Running publications and website seem to fall into niches like they cover pros, or they cover trail running, or they will tell you how to run faster and lose weight at the same time — and they are really good at what they do (for example, UltraRunning Magazine has been covering the Barkley Marathon for ages and even though other running and non-running publications have started taking notice, in covering this year’s race, they published one of the most powerful photographs I’ve seen in a magazine in years and probably the most powerful running photo I’ve seen — ever). But I try to pay attention to it all, so I want the newsletter to pull from all over to give readers a wider view of this sport that so many of us do.
Is writing a newsletter different for you than filing pieces? How do you think about the two?
Not really. The process is the same for me. Newsletter pieces are shorter, but that fits the medium. I do need to pay more attention to what’s being published about running inside and outside of the paper, but I was already doing that for my own curiosity anyway. Even when I was contributing to the newsletter, I’d send my editors ideas and say “if it’s for the newsletter, I could see it going like this; if for a story, like that.” I’ve worked with the same people for a long time, so it’s an easy process.

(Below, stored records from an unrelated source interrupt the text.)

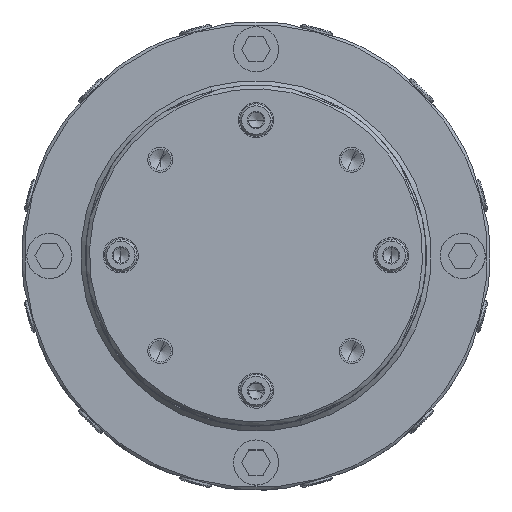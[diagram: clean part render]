
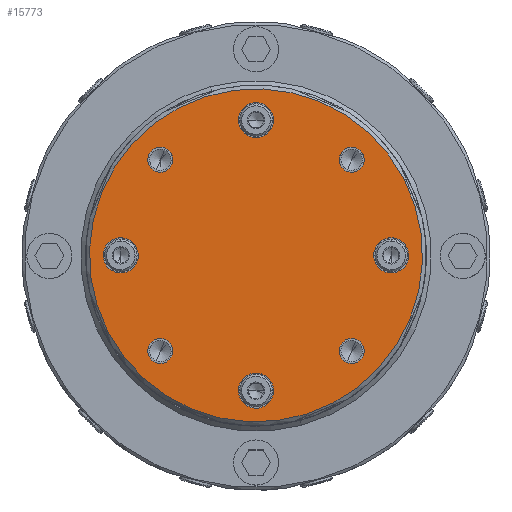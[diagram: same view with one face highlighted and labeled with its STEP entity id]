
A CAD part, top view. The second image highlights one B-rep face of the part: STEP entity #15773.
In plain terms, the highlighted planar face has unit normal (0, 0, 1).
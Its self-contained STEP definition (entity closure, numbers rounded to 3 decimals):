
#15128=CARTESIAN_POINT('',(36.27,33.564,155.0));
#15129=VERTEX_POINT('',#15128);
#15136=CARTESIAN_POINT('',(40.097,42.803,155.0));
#15137=VERTEX_POINT('',#15136);
#15138=CARTESIAN_POINT('',(38.184,38.184,155.0));
#15139=DIRECTION('',(0.0,0.0,1.0));
#15140=DIRECTION('',(0.383,0.924,-0.0));
#15141=AXIS2_PLACEMENT_3D('',#15138,#15139,#15140);
#15142=CIRCLE('',#15141,5.0);
#15143=EDGE_CURVE('no 17219',#15129,#15137,#15142,.T.);
#15160=CARTESIAN_POINT('',(-2.679,47.533,155.0));
#15161=VERTEX_POINT('',#15160);
#15168=CARTESIAN_POINT('',(2.679,60.467,155.0));
#15169=VERTEX_POINT('',#15168);
#15170=CARTESIAN_POINT('',(-0.0,54.0,155.0));
#15171=DIRECTION('',(0.0,0.0,1.0));
#15172=DIRECTION('',(0.383,0.924,-0.0));
#15173=AXIS2_PLACEMENT_3D('',#15170,#15171,#15172);
#15174=CIRCLE('',#15173,7.0);
#15175=EDGE_CURVE('no 17241',#15161,#15169,#15174,.T.);
#15192=CARTESIAN_POINT('',(-40.097,33.564,155.0));
#15193=VERTEX_POINT('',#15192);
#15200=CARTESIAN_POINT('',(-36.27,42.803,155.0));
#15201=VERTEX_POINT('',#15200);
#15202=CARTESIAN_POINT('',(-38.184,38.184,155.0));
#15203=DIRECTION('',(0.0,0.0,1.0));
#15204=DIRECTION('',(0.383,0.924,-0.0));
#15205=AXIS2_PLACEMENT_3D('',#15202,#15203,#15204);
#15206=CIRCLE('',#15205,5.0);
#15207=EDGE_CURVE('no 17263',#15193,#15201,#15206,.T.);
#15224=CARTESIAN_POINT('',(-40.097,-42.803,155.0));
#15225=VERTEX_POINT('',#15224);
#15232=CARTESIAN_POINT('',(-36.27,-33.564,155.0));
#15233=VERTEX_POINT('',#15232);
#15234=CARTESIAN_POINT('',(-38.184,-38.184,155.0));
#15235=DIRECTION('',(0.0,0.0,1.0));
#15236=DIRECTION('',(0.383,0.924,-0.0));
#15237=AXIS2_PLACEMENT_3D('',#15234,#15235,#15236);
#15238=CIRCLE('',#15237,5.0);
#15239=EDGE_CURVE('no 17285',#15225,#15233,#15238,.T.);
#15256=CARTESIAN_POINT('',(36.27,-42.803,155.0));
#15257=VERTEX_POINT('',#15256);
#15264=CARTESIAN_POINT('',(40.097,-33.564,155.0));
#15265=VERTEX_POINT('',#15264);
#15266=CARTESIAN_POINT('',(38.184,-38.184,155.0));
#15267=DIRECTION('',(0.0,0.0,1.0));
#15268=DIRECTION('',(0.383,0.924,-0.0));
#15269=AXIS2_PLACEMENT_3D('',#15266,#15267,#15268);
#15270=CIRCLE('',#15269,5.0);
#15271=EDGE_CURVE('no 17307',#15257,#15265,#15270,.T.);
#15288=CARTESIAN_POINT('',(-56.679,-6.467,155.0));
#15289=VERTEX_POINT('',#15288);
#15296=CARTESIAN_POINT('',(-51.321,6.467,155.0));
#15297=VERTEX_POINT('',#15296);
#15298=CARTESIAN_POINT('',(-54.0,0.0,155.0));
#15299=DIRECTION('',(0.0,0.0,1.0));
#15300=DIRECTION('',(0.383,0.924,-0.0));
#15301=AXIS2_PLACEMENT_3D('',#15298,#15299,#15300);
#15302=CIRCLE('',#15301,7.0);
#15303=EDGE_CURVE('no 17329',#15289,#15297,#15302,.T.);
#15320=CARTESIAN_POINT('',(-2.679,-60.467,155.0));
#15321=VERTEX_POINT('',#15320);
#15328=CARTESIAN_POINT('',(2.679,-47.533,155.0));
#15329=VERTEX_POINT('',#15328);
#15330=CARTESIAN_POINT('',(-0.0,-54.0,155.0));
#15331=DIRECTION('',(0.0,0.0,1.0));
#15332=DIRECTION('',(0.383,0.924,-0.0));
#15333=AXIS2_PLACEMENT_3D('',#15330,#15331,#15332);
#15334=CIRCLE('',#15333,7.0);
#15335=EDGE_CURVE('no 17351',#15321,#15329,#15334,.T.);
#15352=CARTESIAN_POINT('',(51.321,-6.467,155.0));
#15353=VERTEX_POINT('',#15352);
#15360=CARTESIAN_POINT('',(56.679,6.467,155.0));
#15361=VERTEX_POINT('',#15360);
#15362=CARTESIAN_POINT('',(54.0,0.0,155.0));
#15363=DIRECTION('',(0.0,0.0,1.0));
#15364=DIRECTION('',(0.383,0.924,-0.0));
#15365=AXIS2_PLACEMENT_3D('',#15362,#15363,#15364);
#15366=CIRCLE('',#15365,7.0);
#15367=EDGE_CURVE('no 17373',#15353,#15361,#15366,.T.);
#15668=ORIENTED_EDGE('',*,*,#15367,.F.);
#15669=CARTESIAN_POINT('',(54.0,0.0,155.0));
#15670=DIRECTION('',(0.0,0.0,1.0));
#15671=DIRECTION('',(0.383,0.924,-0.0));
#15672=AXIS2_PLACEMENT_3D('',#15669,#15670,#15671);
#15673=CIRCLE('',#15672,7.0);
#15674=EDGE_CURVE('no 17564',#15361,#15353,#15673,.T.);
#15675=ORIENTED_EDGE('',*,*,#15674,.F.);
#15676=EDGE_LOOP('',(#15668,#15675));
#15677=FACE_BOUND('',#15676,.T.);
#15678=ORIENTED_EDGE('',*,*,#15335,.F.);
#15679=CARTESIAN_POINT('',(-0.0,-54.0,155.0));
#15680=DIRECTION('',(0.0,0.0,1.0));
#15681=DIRECTION('',(0.383,0.924,-0.0));
#15682=AXIS2_PLACEMENT_3D('',#15679,#15680,#15681);
#15683=CIRCLE('',#15682,7.0);
#15684=EDGE_CURVE('no 17571',#15329,#15321,#15683,.T.);
#15685=ORIENTED_EDGE('',*,*,#15684,.F.);
#15686=EDGE_LOOP('',(#15678,#15685));
#15687=FACE_BOUND('',#15686,.T.);
#15688=ORIENTED_EDGE('',*,*,#15303,.F.);
#15689=CARTESIAN_POINT('',(-54.0,0.0,155.0));
#15690=DIRECTION('',(0.0,0.0,1.0));
#15691=DIRECTION('',(0.383,0.924,-0.0));
#15692=AXIS2_PLACEMENT_3D('',#15689,#15690,#15691);
#15693=CIRCLE('',#15692,7.0);
#15694=EDGE_CURVE('no 17578',#15297,#15289,#15693,.T.);
#15695=ORIENTED_EDGE('',*,*,#15694,.F.);
#15696=EDGE_LOOP('',(#15688,#15695));
#15697=FACE_BOUND('',#15696,.T.);
#15698=ORIENTED_EDGE('',*,*,#15271,.F.);
#15699=CARTESIAN_POINT('',(38.184,-38.184,155.0));
#15700=DIRECTION('',(0.0,0.0,1.0));
#15701=DIRECTION('',(0.383,0.924,-0.0));
#15702=AXIS2_PLACEMENT_3D('',#15699,#15700,#15701);
#15703=CIRCLE('',#15702,5.0);
#15704=EDGE_CURVE('no 17585',#15265,#15257,#15703,.T.);
#15705=ORIENTED_EDGE('',*,*,#15704,.F.);
#15706=EDGE_LOOP('',(#15698,#15705));
#15707=FACE_BOUND('',#15706,.T.);
#15708=ORIENTED_EDGE('',*,*,#15239,.F.);
#15709=CARTESIAN_POINT('',(-38.184,-38.184,155.0));
#15710=DIRECTION('',(0.0,0.0,1.0));
#15711=DIRECTION('',(0.383,0.924,-0.0));
#15712=AXIS2_PLACEMENT_3D('',#15709,#15710,#15711);
#15713=CIRCLE('',#15712,5.0);
#15714=EDGE_CURVE('no 17592',#15233,#15225,#15713,.T.);
#15715=ORIENTED_EDGE('',*,*,#15714,.F.);
#15716=EDGE_LOOP('',(#15708,#15715));
#15717=FACE_BOUND('',#15716,.T.);
#15718=ORIENTED_EDGE('',*,*,#15207,.F.);
#15719=CARTESIAN_POINT('',(-38.184,38.184,155.0));
#15720=DIRECTION('',(0.0,0.0,1.0));
#15721=DIRECTION('',(0.383,0.924,-0.0));
#15722=AXIS2_PLACEMENT_3D('',#15719,#15720,#15721);
#15723=CIRCLE('',#15722,5.0);
#15724=EDGE_CURVE('no 17599',#15201,#15193,#15723,.T.);
#15725=ORIENTED_EDGE('',*,*,#15724,.F.);
#15726=EDGE_LOOP('',(#15718,#15725));
#15727=FACE_BOUND('',#15726,.T.);
#15728=ORIENTED_EDGE('',*,*,#15175,.F.);
#15729=CARTESIAN_POINT('',(-0.0,54.0,155.0));
#15730=DIRECTION('',(0.0,0.0,1.0));
#15731=DIRECTION('',(0.383,0.924,-0.0));
#15732=AXIS2_PLACEMENT_3D('',#15729,#15730,#15731);
#15733=CIRCLE('',#15732,7.0);
#15734=EDGE_CURVE('no 17606',#15169,#15161,#15733,.T.);
#15735=ORIENTED_EDGE('',*,*,#15734,.F.);
#15736=EDGE_LOOP('',(#15728,#15735));
#15737=FACE_BOUND('',#15736,.T.);
#15738=ORIENTED_EDGE('',*,*,#15143,.F.);
#15739=CARTESIAN_POINT('',(38.184,38.184,155.0));
#15740=DIRECTION('',(0.0,0.0,1.0));
#15741=DIRECTION('',(0.383,0.924,-0.0));
#15742=AXIS2_PLACEMENT_3D('',#15739,#15740,#15741);
#15743=CIRCLE('',#15742,5.0);
#15744=EDGE_CURVE('no 17613',#15137,#15129,#15743,.T.);
#15745=ORIENTED_EDGE('',*,*,#15744,.F.);
#15746=EDGE_LOOP('',(#15738,#15745));
#15747=FACE_BOUND('',#15746,.T.);
#15748=CARTESIAN_POINT('',(-25.448,-61.438,155.0));
#15749=VERTEX_POINT('',#15748);
#15750=CARTESIAN_POINT('',(25.448,61.438,155.0));
#15751=VERTEX_POINT('',#15750);
#15752=CARTESIAN_POINT('',(-0.0,0.0,155.0));
#15753=DIRECTION('',(0.0,0.0,1.0));
#15754=DIRECTION('',(-0.383,-0.924,0.0));
#15755=AXIS2_PLACEMENT_3D('',#15752,#15753,#15754);
#15756=CIRCLE('',#15755,66.5);
#15757=EDGE_CURVE('no 17622',#15749,#15751,#15756,.T.);
#15758=ORIENTED_EDGE('',*,*,#15757,.T.);
#15759=CARTESIAN_POINT('',(-0.0,0.0,155.0));
#15760=DIRECTION('',(0.0,0.0,1.0));
#15761=DIRECTION('',(-0.383,-0.924,0.0));
#15762=AXIS2_PLACEMENT_3D('',#15759,#15760,#15761);
#15763=CIRCLE('',#15762,66.5);
#15764=EDGE_CURVE('no 17626',#15751,#15749,#15763,.T.);
#15765=ORIENTED_EDGE('',*,*,#15764,.T.);
#15766=EDGE_LOOP('',(#15758,#15765));
#15767=FACE_OUTER_BOUND('',#15766,.T.);
#15768=CARTESIAN_POINT('',(-0.0,0.0,155.0));
#15769=DIRECTION('',(-0.0,-0.0,-1.0));
#15770=DIRECTION('',(-0.383,-0.924,0.0));
#15771=AXIS2_PLACEMENT_3D('',#15768,#15769,#15770);
#15772=PLANE('',#15771);
#15773=ADVANCED_FACE('no 17557',(#15677,#15687,#15697,#15707,#15717,#15727,#15737,#15747,#15767),#15772,.F.);

When I was watching your summer journey, I was completely envious of you. What advice would you have for other journalists who want to leave their comfort zones?
For a journey like this: It’s going to suck. There’s no way around it. You’ll get hot, dirty and tired and not want to continue on. I came down with a horrible head cold after Hawaii and was trying to hike at altitude in Utah — that didn’t work out so well, and I ended up throwing my budget into the wind and booking myself into hotels for the whole week.
That kind of stuff is going to happen. I knew that going in, and even when I hit those low points, I told myself that I knew it was going to happen and it would get better. And it did.
For journalists leaving their comfort zones: It’s going to suck. Ha! I wrote two Jersey Shore books and was offered a third. Saying no was scary because it was a book contract with money attached, and being Jersey Shore Jen was a reliable source of income for me.
But I had a feeling there was something else out there — just like when I decided not to buy another home in Collingswood, I had a feeling there was something else out there. There was for work, and I imagine there is for me and my life too. I could get to Boulder and hate it — but that’s OK. I only have a two-month lease. If it doesn’t work out, I’ll just move somewhere else. But it’s at least worth trying because if it does work out, I could be moving on to something wonderful.